7- The symptoms do not meet the criteria for any other sleep disorder causing inability to initiate sleep or excessive sleepiness.
8- If any of the following laboratory methods is used, it must demonstrate a delay in the timing of the habitual sleep period: 1) Twenty-four-hour polysomnographic monitoring (or by means of two consecutive nights of polysomnography and an intervening multiple sleep latency test), 2) Continuous temperature monitoring showing that the time of the absolute temperature nadir is delayed into the second half of the habitual (delayed) sleep episode.
Some people with the condition adapt their lives to the delayed sleep phase, avoiding common business hours (e.g., 9 a.m. to 5 p.m.) as much as possible. The ICSD's severity criteria, all of them "over at least a one-month period", are:
Mild: Two hour delay associated with little or mild impairment of social or occupational functioning.
Moderate: Three hour delay associated with moderate impairment.
Severe: Four hour delay associated with severe impairment.
Some features of DSPD which distinguish it from other sleep disorders are:
People with DSPD have at least a normal—and often much greater than normal—ability to sleep during the morning, and sometimes in the afternoon as well. In contrast, those with chronic insomnia do not find it much easier to sleep during the morning than at night.
People with DSPD fall asleep at more or less the same time every night, and sleep comes quite rapidly if the person goes to bed near the time he or she usually falls asleep. Young children with DSPD resist going to bed before they are sleepy, but the bedtime struggles disappear if they are allowed to stay up until the time they usually fall asleep.
DSPD patients can sleep well and regularly when they can follow their own sleep schedule, e.g. on weekends and during vacations.
DSPD is a chronic condition. Symptoms must have been present for at least one month before a diagnosis of DSPD can be made.
Attempting to force oneself onto daytime society's schedule with DSPD has been compared to constantly living with 6 hours of jet lag; DSPD has, in fact, been referred to as "social jet lag". Often people with DSPD manage only a few hours sleep a night during the working week, then compensate by sleeping until the afternoon on weekends. Sleeping in on weekends, and/or taking long naps during the day, may give people with DSPD relief from daytime sleepiness but may also perpetuate the late sleep phase.
People with DSPD can be called night owls. They feel most alert and say they function best and are most creative in the evening and at night. People with DSPD cannot simply force themselves to sleep early. They may toss and turn for hours in bed, and sometimes not sleep at all, before reporting to work or school. Less extreme and more flexible night owls, and indeed morning larks, are within the normal chronotype spectrum.
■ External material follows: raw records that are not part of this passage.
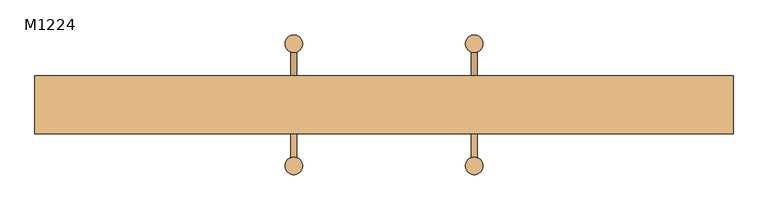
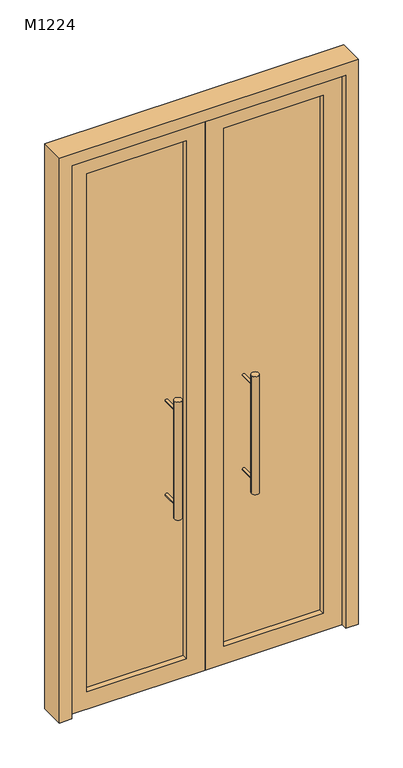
"""IFC4 building model written with IfcOpenShell, lengths in millimetres: door geometry, 双面嵌板玻璃门 : M1224."""

import ifcopenshell
import ifcopenshell.guid

model = None  # the IFC model being written
_history = None  # IfcOwnerHistory: only IFC2X3 demands one
_inside = {}  # id of a spatial element -> (the spatial element, [elements in it])
_under = {}  # id of a project, library or spatial element -> (it, [spatial elements below it])
_declared = {}  # id of a project -> (the project, [libraries it declares])
_typed = {}  # id of a type object -> (the type object, [elements of that type])
_made_of = {}  # id of a material, layer set ... -> (it, [elements and type objects made of it])


def new_model(schema):
    """Start an empty IFC model of exactly this schema.

    Asked for "IFC4X3", IfcOpenShell would pick the latest addendum, in which some entities
    have other attributes; the version numbers below select the first issue.
    IFC2X3 requires an IfcOwnerHistory on every rooted entity: one is made here for all.
    """
    global model, _history
    if schema == "IFC4X3":
        model = ifcopenshell.file(schema_version=(4, 3, 0, 0))
    else:
        model = ifcopenshell.file(schema=schema)
    _inside.clear()
    _under.clear()
    _declared.clear()
    _typed.clear()
    _made_of.clear()
    _history = None
    if model.schema == "IFC2X3":
        org = make("IfcOrganization", Name="unknown")
        user = make(
            "IfcPersonAndOrganization",
            ThePerson=make("IfcPerson", FamilyName="unknown"),
            TheOrganization=org,
        )
        app = make(
            "IfcApplication",
            ApplicationDeveloper=org,
            Version="unknown",
            ApplicationFullName="unknown",
            ApplicationIdentifier="unknown",
        )
        _history = make(
            "IfcOwnerHistory",
            OwningUser=user,
            OwningApplication=app,
            ChangeAction="ADDED",
            CreationDate=0,
        )
    return model


def make(cls, **values):
    """One entity of the class cls with the attributes given. An attribute that is None is left unset."""
    return model.create_entity(
        cls, **{name: value for name, value in values.items() if value is not None}
    )


def rooted(cls, **values):
    """An entity with a GlobalId (a new one), such as an element, a storey or a relation."""
    return make(cls, GlobalId=ifcopenshell.guid.new(), OwnerHistory=_history, **values)


def si_unit(unit_type, name, prefix=None):
    """IfcSIUnit, for example si_unit("LENGTHUNIT", "METRE", prefix="MILLI")."""
    return make("IfcSIUnit", UnitType=unit_type, Prefix=prefix, Name=name)


def assignment(units):
    """IfcUnitAssignment: the units of a project."""
    return None if units is None else make("IfcUnitAssignment", Units=units)


def point(xyz):
    """IfcCartesianPoint."""
    return None if xyz is None else make("IfcCartesianPoint", Coordinates=xyz)


def direction(xyz):
    """IfcDirection."""
    return None if xyz is None else make("IfcDirection", DirectionRatios=xyz)


def frame(location, z_axis=None, x_axis=None):
    """IfcAxis2Placement3D, a coordinate frame: its origin and axes. An axis left out is left unset."""
    return make(
        "IfcAxis2Placement3D",
        Location=point(location),
        Axis=direction(z_axis),
        RefDirection=direction(x_axis),
    )


def frame_2d(location, x_axis=None):
    """IfcAxis2Placement2D, a coordinate frame in the plane: its origin and x axis."""
    return make(
        "IfcAxis2Placement2D", Location=point(location), RefDirection=direction(x_axis)
    )


def origin():
    """The frame at (0, 0, 0) with its axes left unset."""
    return frame((0.0, 0.0, 0.0))


def place(relative_to, where):
    """IfcLocalPlacement: puts the frame where relative to a parent placement (None: the world)."""
    return make(
        "IfcLocalPlacement", PlacementRelTo=relative_to, RelativePlacement=where
    )


def context(
    kind, dimensions, precision=None, world=None, true_north=None, identifier=None
):
    """IfcGeometricRepresentationContext, for example the 3D "Model" context."""
    return make(
        "IfcGeometricRepresentationContext",
        ContextIdentifier=identifier,
        ContextType=kind,
        CoordinateSpaceDimension=dimensions,
        Precision=precision,
        WorldCoordinateSystem=world,
        TrueNorth=true_north,
    )


def project(units=None, contexts=None):
    """IfcProject with its units and contexts."""
    return rooted(
        "IfcProject",
        Name="project",
        RepresentationContexts=contexts,
        UnitsInContext=assignment(units),
    )


def spatial(cls, under=None, at=None, **own):
    """A site, building, storey or space (cls), placed at a placement, below another one or the project."""
    s = rooted(cls, ObjectPlacement=at, **own)
    if under is not None:
        _under.setdefault(under.id(), (under, []))[1].append(s)
    return s


def polyline(points):
    """IfcPolyline through the points."""
    return make("IfcPolyline", Points=[point(p) for p in points])


def circle_curve(where, radius):
    """IfcCircle in the frame where."""
    return make("IfcCircle", Position=where, Radius=radius)


def trimmed(basis, trim1, trim2, sense, master):
    """IfcTrimmedCurve: the piece of a basis curve between two trims."""
    return make(
        "IfcTrimmedCurve",
        BasisCurve=basis,
        Trim1=trim1,
        Trim2=trim2,
        SenseAgreement=sense,
        MasterRepresentation=master,
    )


def segment(curve, same_sense, transition):
    """IfcCompositeCurveSegment."""
    return make(
        "IfcCompositeCurveSegment",
        Transition=transition,
        SameSense=same_sense,
        ParentCurve=curve,
    )


def composite_curve(segments, self_intersect=None):
    """IfcCompositeCurve: segments joined end to end."""
    return make("IfcCompositeCurve", Segments=segments, SelfIntersect=self_intersect)


def outline(outer, holes=None, kind="AREA"):
    """IfcArbitraryClosedProfileDef: a profile drawn as a closed curve; with holes, ...WithVoids."""
    if holes is None:
        return make("IfcArbitraryClosedProfileDef", ProfileType=kind, OuterCurve=outer)
    return make(
        "IfcArbitraryProfileDefWithVoids",
        ProfileType=kind,
        OuterCurve=outer,
        InnerCurves=holes,
    )


def extrude(swept, where, along, depth):
    """IfcExtrudedAreaSolid: the profile swept, set in the frame where, extruded along a direction by depth."""
    return make(
        "IfcExtrudedAreaSolid",
        SweptArea=swept,
        Position=where,
        ExtrudedDirection=direction(along),
        Depth=depth,
    )


def shape(context_of_items, identifier, shape_type, items):
    """IfcShapeRepresentation: the items that make up one representation, for example the "Body"."""
    return make(
        "IfcShapeRepresentation",
        ContextOfItems=context_of_items,
        RepresentationIdentifier=identifier,
        RepresentationType=shape_type,
        Items=items,
    )


def source(mapping_origin, context_of_items, identifier, shape_type, items):
    """IfcRepresentationMap: a shape defined once, which mapped items show again and again."""
    return make(
        "IfcRepresentationMap",
        MappingOrigin=mapping_origin,
        MappedRepresentation=shape(context_of_items, identifier, shape_type, items),
    )


def transform(
    local_origin,
    x_axis=None,
    y_axis=None,
    z_axis=None,
    scale=None,
    scale2=None,
    scale3=None,
    uniform=True,
):
    """IfcCartesianTransformationOperator3D, or its non-uniform kind. x_axis, y_axis, z_axis: its Axis1, 2, 3."""
    if uniform:
        return make(
            "IfcCartesianTransformationOperator3D",
            Axis1=direction(x_axis),
            Axis2=direction(y_axis),
            LocalOrigin=point(local_origin),
            Scale=scale,
            Axis3=direction(z_axis),
        )
    return make(
        "IfcCartesianTransformationOperator3DnonUniform",
        Axis1=direction(x_axis),
        Axis2=direction(y_axis),
        LocalOrigin=point(local_origin),
        Scale=scale,
        Axis3=direction(z_axis),
        Scale2=scale2,
        Scale3=scale3,
    )


def mapped(mapping_source, mapping_target):
    """IfcMappedItem: shows the shape of a source again, moved by a transform."""
    return make(
        "IfcMappedItem", MappingSource=mapping_source, MappingTarget=mapping_target
    )


def made_of(thing, what):
    """Note that an element or type object is made of a material, layer set ...; save() writes the relation."""
    if what is not None:
        _made_of.setdefault(what.id(), (what, []))[1].append(thing)
    return thing


def element(
    cls,
    number,
    at=None,
    inside=None,
    cuts=None,
    type_object=None,
    material=None,
    context=None,
    identifier="Body",
    shape_type=None,
    held_by="IfcProductDefinitionShape",
    body=None,
    shapes=None,
    **own,
):
    """One element of the class cls, such as IfcWall. Its Tag is "e" and its number.

    at: its placement. inside: the storey or other place that contains it. cuts: it is an
    opening in that element (IfcRelVoidsElement). A single representation is given by context,
    identifier, shape_type and body (its items); several are given by shapes. held_by: the class
    of the entity that holds the representations. save() writes the other relations.
    """
    e = rooted(cls, Tag="e%d" % number, ObjectPlacement=at, **own)
    if body is not None:
        shapes = [shape(context, identifier, shape_type, body)]
    if shapes is not None:
        e.Representation = make(held_by, Representations=shapes)
    if inside is not None:
        _inside.setdefault(inside.id(), (inside, []))[1].append(e)
    if cuts is not None:
        rooted(
            "IfcRelVoidsElement", RelatingBuildingElement=cuts, RelatedOpeningElement=e
        )
    if type_object is not None:
        _typed.setdefault(type_object.id(), (type_object, []))[1].append(e)
    return made_of(e, material)


def aggregate(whole, parts):
    """IfcRelAggregates: a whole, such as a stair, and the parts it consists of."""
    return rooted("IfcRelAggregates", RelatingObject=whole, RelatedObjects=parts)


def save(model, path):
    """Write the relations noted so far, then the file.

    IfcRelAggregates (storeys below a building ...), IfcRelContainedInSpatialStructure (elements
    in a storey), IfcRelDefinesByType, IfcRelAssociatesMaterial and IfcRelDeclares: one each for
    every whole, place, type object, material and project.
    """
    for whole, parts in _under.values():
        aggregate(whole, parts)
    for where, things in _inside.values():
        rooted(
            "IfcRelContainedInSpatialStructure",
            RelatedElements=things,
            RelatingStructure=where,
        )
    for kind, things in _typed.values():
        rooted("IfcRelDefinesByType", RelatedObjects=things, RelatingType=kind)
    for what, things in _made_of.values():
        rooted("IfcRelAssociatesMaterial", RelatedObjects=things, RelatingMaterial=what)
    for by, libraries in _declared.values():
        rooted("IfcRelDeclares", RelatingContext=by, RelatedDefinitions=libraries)
    model.write(path)


def m1224_4f9c1d82(model_context):
    return source(origin(), model_context, "Body", "SweptSolid", [
        extrude(outline(composite_curve([segment(trimmed(circle_curve(frame_2d((155.0, 105.0)), 15.0), [point((140.0, 105.0))], [point((170.0, 105.0))], False, "CARTESIAN"), True, "CONTINUOUS"), segment(trimmed(circle_curve(frame_2d((155.0, 105.0)), 15.0), [point((170.0, 105.0))], [point((140.0, 105.0))], False, "CARTESIAN"), True, "CONTINUOUS")], self_intersect=False)), frame((0.0, 0.0, 750.0), z_axis=(0.0, 0.0, 1.0), x_axis=(1.0, 0.0, 0.0)), (0.0, 0.0, 1.0), 500.0),
        extrude(outline(composite_curve([segment(trimmed(circle_curve(frame_2d((1200.0, 155.0)), 5.0), [point((1200.0, 150.0))], [point((1200.0, 160.0))], False, "CARTESIAN"), True, "CONTINUOUS"), segment(trimmed(circle_curve(frame_2d((1200.0, 155.0)), 5.0), [point((1200.0, 160.0))], [point((1200.0, 150.0))], False, "CARTESIAN"), True, "CONTINUOUS")], self_intersect=False)), frame((0.0, 25.0, 0.0), z_axis=(0.0, 1.0, 0.0), x_axis=(0.0, 0.0, 1.0)), (0.0, 0.0, 1.0), 80.0),
        extrude(outline(composite_curve([segment(trimmed(circle_curve(frame_2d((800.0, 155.0)), 5.0), [point((800.0, 150.0))], [point((800.0, 160.0))], False, "CARTESIAN"), True, "CONTINUOUS"), segment(trimmed(circle_curve(frame_2d((800.0, 155.0)), 5.0), [point((800.0, 160.0))], [point((800.0, 150.0))], False, "CARTESIAN"), True, "CONTINUOUS")], self_intersect=False)), frame((0.0, 25.0, 0.0), z_axis=(0.0, 1.0, 0.0), x_axis=(0.0, 0.0, 1.0)), (0.0, 0.0, 1.0), 80.0),
        extrude(outline(composite_curve([segment(trimmed(circle_curve(frame_2d((1200.0, 155.0)), 5.0), [point((1200.0, 150.0))], [point((1200.0, 160.0))], False, "CARTESIAN"), True, "CONTINUOUS"), segment(trimmed(circle_curve(frame_2d((1200.0, 155.0)), 5.0), [point((1200.0, 160.0))], [point((1200.0, 150.0))], False, "CARTESIAN"), True, "CONTINUOUS")], self_intersect=False)), frame((0.0, -105.0, 0.0), z_axis=(0.0, 1.0, 0.0), x_axis=(0.0, 0.0, 1.0)), (0.0, 0.0, 1.0), 80.0),
        extrude(outline(composite_curve([segment(trimmed(circle_curve(frame_2d((800.0, 155.0)), 5.0), [point((800.0, 150.0))], [point((800.0, 160.0))], False, "CARTESIAN"), True, "CONTINUOUS"), segment(trimmed(circle_curve(frame_2d((800.0, 155.0)), 5.0), [point((800.0, 160.0))], [point((800.0, 150.0))], False, "CARTESIAN"), True, "CONTINUOUS")], self_intersect=False)), frame((0.0, -105.0, 0.0), z_axis=(0.0, 1.0, 0.0), x_axis=(0.0, 0.0, 1.0)), (0.0, 0.0, 1.0), 80.0),
        extrude(outline(composite_curve([segment(trimmed(circle_curve(frame_2d((155.0, -105.0)), 15.0), [point((140.0, -105.0))], [point((170.0, -105.0))], False, "CARTESIAN"), True, "CONTINUOUS"), segment(trimmed(circle_curve(frame_2d((155.0, -105.0)), 15.0), [point((170.0, -105.0))], [point((140.0, -105.0))], False, "CARTESIAN"), True, "CONTINUOUS")], self_intersect=False)), frame((0.0, 0.0, 750.0), z_axis=(0.0, 0.0, 1.0), x_axis=(1.0, 0.0, 0.0)), (0.0, 0.0, 1.0), 500.0),
        extrude(outline(composite_curve([segment(trimmed(circle_curve(frame_2d((-155.0, 105.0)), 15.0), [point((-170.0, 105.0))], [point((-140.0, 105.0))], False, "CARTESIAN"), True, "CONTINUOUS"), segment(trimmed(circle_curve(frame_2d((-155.0, 105.0)), 15.0), [point((-140.0, 105.0))], [point((-170.0, 105.0))], False, "CARTESIAN"), True, "CONTINUOUS")], self_intersect=False)), frame((0.0, 0.0, 750.0), z_axis=(0.0, 0.0, 1.0), x_axis=(1.0, 0.0, 0.0)), (0.0, 0.0, 1.0), 500.0),
        extrude(outline(composite_curve([segment(trimmed(circle_curve(frame_2d((1200.0, -155.0)), 5.0), [point((1200.0, -160.0))], [point((1200.0, -150.0))], False, "CARTESIAN"), True, "CONTINUOUS"), segment(trimmed(circle_curve(frame_2d((1200.0, -155.0)), 5.0), [point((1200.0, -150.0))], [point((1200.0, -160.0))], False, "CARTESIAN"), True, "CONTINUOUS")], self_intersect=False)), frame((0.0, 25.0, 0.0), z_axis=(0.0, 1.0, 0.0), x_axis=(0.0, 0.0, 1.0)), (0.0, 0.0, 1.0), 80.0),
        extrude(outline(composite_curve([segment(trimmed(circle_curve(frame_2d((800.0, -155.0)), 5.0), [point((800.0, -160.0))], [point((800.0, -150.0))], False, "CARTESIAN"), True, "CONTINUOUS"), segment(trimmed(circle_curve(frame_2d((800.0, -155.0)), 5.0), [point((800.0, -150.0))], [point((800.0, -160.0))], False, "CARTESIAN"), True, "CONTINUOUS")], self_intersect=False)), frame((0.0, 25.0, 0.0), z_axis=(0.0, 1.0, 0.0), x_axis=(0.0, 0.0, 1.0)), (0.0, 0.0, 1.0), 80.0),
        extrude(outline(composite_curve([segment(trimmed(circle_curve(frame_2d((1200.0, -155.0)), 5.0), [point((1200.0, -160.0))], [point((1200.0, -150.0))], False, "CARTESIAN"), True, "CONTINUOUS"), segment(trimmed(circle_curve(frame_2d((1200.0, -155.0)), 5.0), [point((1200.0, -150.0))], [point((1200.0, -160.0))], False, "CARTESIAN"), True, "CONTINUOUS")], self_intersect=False)), frame((0.0, -105.0, 0.0), z_axis=(0.0, 1.0, 0.0), x_axis=(0.0, 0.0, 1.0)), (0.0, 0.0, 1.0), 80.0),
        extrude(outline(composite_curve([segment(trimmed(circle_curve(frame_2d((800.0, -155.0)), 5.0), [point((800.0, -160.0))], [point((800.0, -150.0))], False, "CARTESIAN"), True, "CONTINUOUS"), segment(trimmed(circle_curve(frame_2d((800.0, -155.0)), 5.0), [point((800.0, -150.0))], [point((800.0, -160.0))], False, "CARTESIAN"), True, "CONTINUOUS")], self_intersect=False)), frame((0.0, -105.0, 0.0), z_axis=(0.0, 1.0, 0.0), x_axis=(0.0, 0.0, 1.0)), (0.0, 0.0, 1.0), 80.0),
        extrude(outline(composite_curve([segment(trimmed(circle_curve(frame_2d((-155.0, -105.0)), 15.0), [point((-170.0, -105.0))], [point((-140.0, -105.0))], False, "CARTESIAN"), True, "CONTINUOUS"), segment(trimmed(circle_curve(frame_2d((-155.0, -105.0)), 15.0), [point((-140.0, -105.0))], [point((-170.0, -105.0))], False, "CARTESIAN"), True, "CONTINUOUS")], self_intersect=False)), frame((0.0, 0.0, 750.0), z_axis=(0.0, 0.0, 1.0), x_axis=(1.0, 0.0, 0.0)), (0.0, 0.0, 1.0), 500.0),
        extrude(outline(polyline([(75.0, 2.0), (475.0, 2.0), (475.0, -2.0), (75.0, -2.0), (75.0, 2.0)])), frame((0.0, 0.0, 75.0), z_axis=(0.0, 0.0, 1.0), x_axis=(1.0, 0.0, 0.0)), (0.0, 0.0, 1.0), 2200.0),
        extrude(outline(polyline([(-475.0, 2.0), (-75.0, 2.0), (-75.0, -2.0), (-475.0, -2.0), (-475.0, 2.0)])), frame((0.0, 0.0, 75.0), z_axis=(0.0, 0.0, 1.0), x_axis=(1.0, 0.0, 0.0)), (0.0, 0.0, 1.0), 2200.0),
        extrude(outline(polyline([(2350.0, 0.0), (2350.0, -550.0), (0.0, -550.0), (0.0, 0.0), (2350.0, 0.0)]), holes=[polyline([(2275.0, -475.0), (2275.0, -75.0), (75.0, -75.0), (75.0, -475.0), (2275.0, -475.0)])]), frame((0.0, -25.0, 0.0), z_axis=(0.0, 1.0, 0.0), x_axis=(0.0, 0.0, 1.0)), (0.0, 0.0, 1.0), 50.0),
        extrude(outline(polyline([(2350.0, 0.0), (0.0, 0.0), (0.0, 550.0), (2350.0, 550.0), (2350.0, 0.0)]), holes=[polyline([(2275.0, 475.0), (75.0, 475.0), (75.0, 75.0), (2275.0, 75.0), (2275.0, 475.0)])]), frame((0.0, -25.0, 0.0), z_axis=(0.0, 1.0, 0.0), x_axis=(0.0, 0.0, 1.0)), (0.0, 0.0, 1.0), 50.0),
        extrude(outline(polyline([(2400.0, 600.0), (2400.0, -600.0), (0.0, -600.0), (0.0, -550.0), (2350.0, -550.0), (2350.0, 550.0), (0.0, 550.0), (0.0, 600.0), (2400.0, 600.0)])), frame((0.0, -50.0, 0.0), z_axis=(0.0, 1.0, 0.0), x_axis=(0.0, 0.0, 1.0)), (0.0, 0.0, 1.0), 100.0),
    ])


if __name__ == "__main__":
    model = new_model("IFC4")
    model_context = context("Model", 3, world=origin())
    ifc_project = project(units=[si_unit("LENGTHUNIT", "METRE", prefix="MILLI")], contexts=[model_context])
    site = spatial("IfcSite", under=ifc_project)
    building = spatial("IfcBuilding", under=site)
    placement = place(None, origin())
    m1224_shape = m1224_4f9c1d82(model_context)
    element("IfcDoor", 1, ObjectType="双面嵌板玻璃门 : M1224", at=placement, inside=building, context=model_context, shape_type="MappedRepresentation", body=[
        mapped(m1224_shape, transform((0.0, 0.0, 0.0), x_axis=(1.0, 0.0, 0.0), y_axis=(0.0, 1.0, 0.0), z_axis=(0.0, 0.0, 1.0))),
    ])
    save(model, "model.ifc")

By the time those who have DSPD seek medical help, they usually have tried many times to change their sleeping schedule. Failed tactics to sleep at earlier times may include maintaining proper sleep hygiene, relaxation techniques, early bedtimes, hypnosis, alcohol, sleeping pills, dull reading, and home remedies. DSPD patients who have tried using sedatives at night often report that the medication makes them feel tired or relaxed, but that it fails to induce sleep. They often have asked family members to help wake them in the morning, or they have used several alarm clocks. As the disorder occurs in childhood and is most common in adolescence, it is often the patient's parents who initiate seeking help, after great difficulty waking their child in time for school.
The current formal name established in the second edition of the International Classification of Sleep Disorders is circadian rhythm sleep disorder, delayed sleep phase type; the preferred common name is delayed sleep-phase disorder.